Dataset entries:
---+---

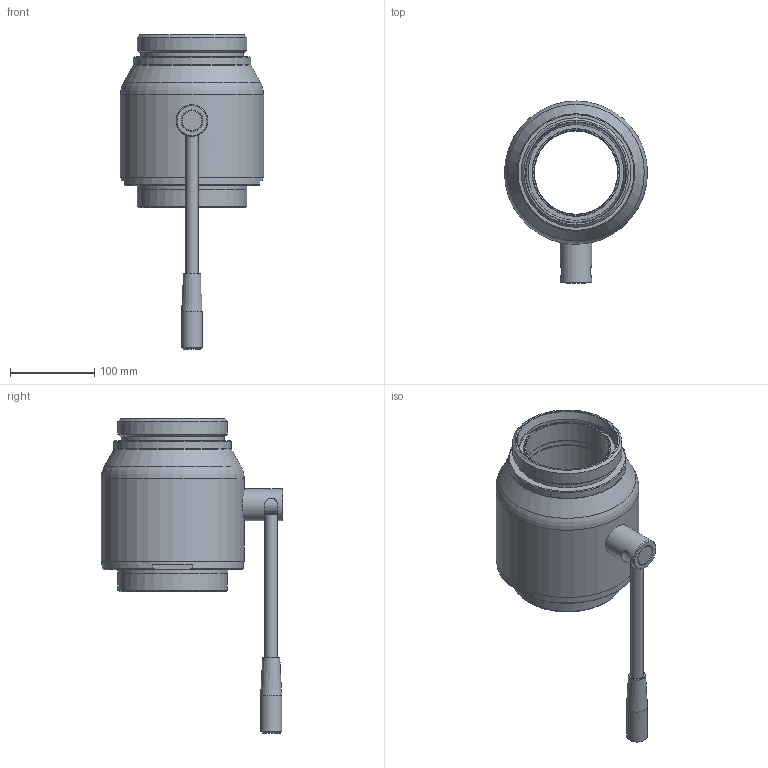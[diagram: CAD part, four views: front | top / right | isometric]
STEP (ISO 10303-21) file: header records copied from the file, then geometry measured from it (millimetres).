
FILE_DESCRIPTION(/* description */ ('Unknown'),/* implementation_level */ '2;1');
FILE_NAME(/* name */ '81SP-100',/* time_stamp */ '2020-04-02T16:15:52+02:00',/* author */ ('Unknown'),/* organization */ ('Unknown'),/* preprocessor_version */ 'ST-DEVELOPER v16.7',/* originating_system */ 'DEX',/* authorisation */ $);
FILE_SCHEMA (('AUTOMOTIVE_DESIGN {1 0 10303 214 3 1 1}'));
Length unit declared in the file: millimetre
Products named in the file (1): 81SP-100
Bounding box: 170 x 216 x 373.15 mm (x, y, z)
Volume: 1504300.5 mm3; surface area: 459526.4 mm2
Topology: 2 solids, 6 shells, 168 faces, 351 edges, 221 vertices
Faces by surface type: plane 59, cylinder 53, cone 43, torus 9, sphere 4
Full cylindrical faces by diameter (mm): 11.835 x1, 15 x1, 15.1 x1, 20.5 x3, 24.5 x4, 24.7 x1, 24.8 x1, 25 x5, 25.3 x1, 28 x1, 30 x1, 31 x1, 37.7 x1, 38 x1, 99 x5, 104 x2, 107 x1, 113.8 x2, 120 x1, 120.5 x1, 122 x1, 130 x3, 132.1 x1, 132.4 x1, 139.5 x1, 158.6 x1, 160 x1, 160.035 x2, 168 x1, 170 x1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
Entity records: 4984 total; most frequent: CARTESIAN_POINT 729, DIRECTION 704, ORIENTED_EDGE 432, AXIS2_PLACEMENT_3D 337, FACE_BOUND 314, EDGE_LOOP 312, EDGE_CURVE 216, VERTEX_POINT 190

---+---

Each line from the one that includes "Topology: 2 solids, 6" down to the close of the records above is to be given again exactly, and no other line is to appear.

TASK RESULT
Topology: 2 solids, 6 shells, 168 faces, 351 edges, 221 vertices
Faces by surface type: plane 59, cylinder 53, cone 43, torus 9, sphere 4
Full cylindrical faces by diameter (mm): 11.835 x1, 15 x1, 15.1 x1, 20.5 x3, 24.5 x4, 24.7 x1, 24.8 x1, 25 x5, 25.3 x1, 28 x1, 30 x1, 31 x1, 37.7 x1, 38 x1, 99 x5, 104 x2, 107 x1, 113.8 x2, 120 x1, 120.5 x1, 122 x1, 130 x3, 132.1 x1, 132.4 x1, 139.5 x1, 158.6 x1, 160 x1, 160.035 x2, 168 x1, 170 x1
Entity records: 4984 total; most frequent: CARTESIAN_POINT 729, DIRECTION 704, ORIENTED_EDGE 432, AXIS2_PLACEMENT_3D 337, FACE_BOUND 314, EDGE_LOOP 312, EDGE_CURVE 216, VERTEX_POINT 190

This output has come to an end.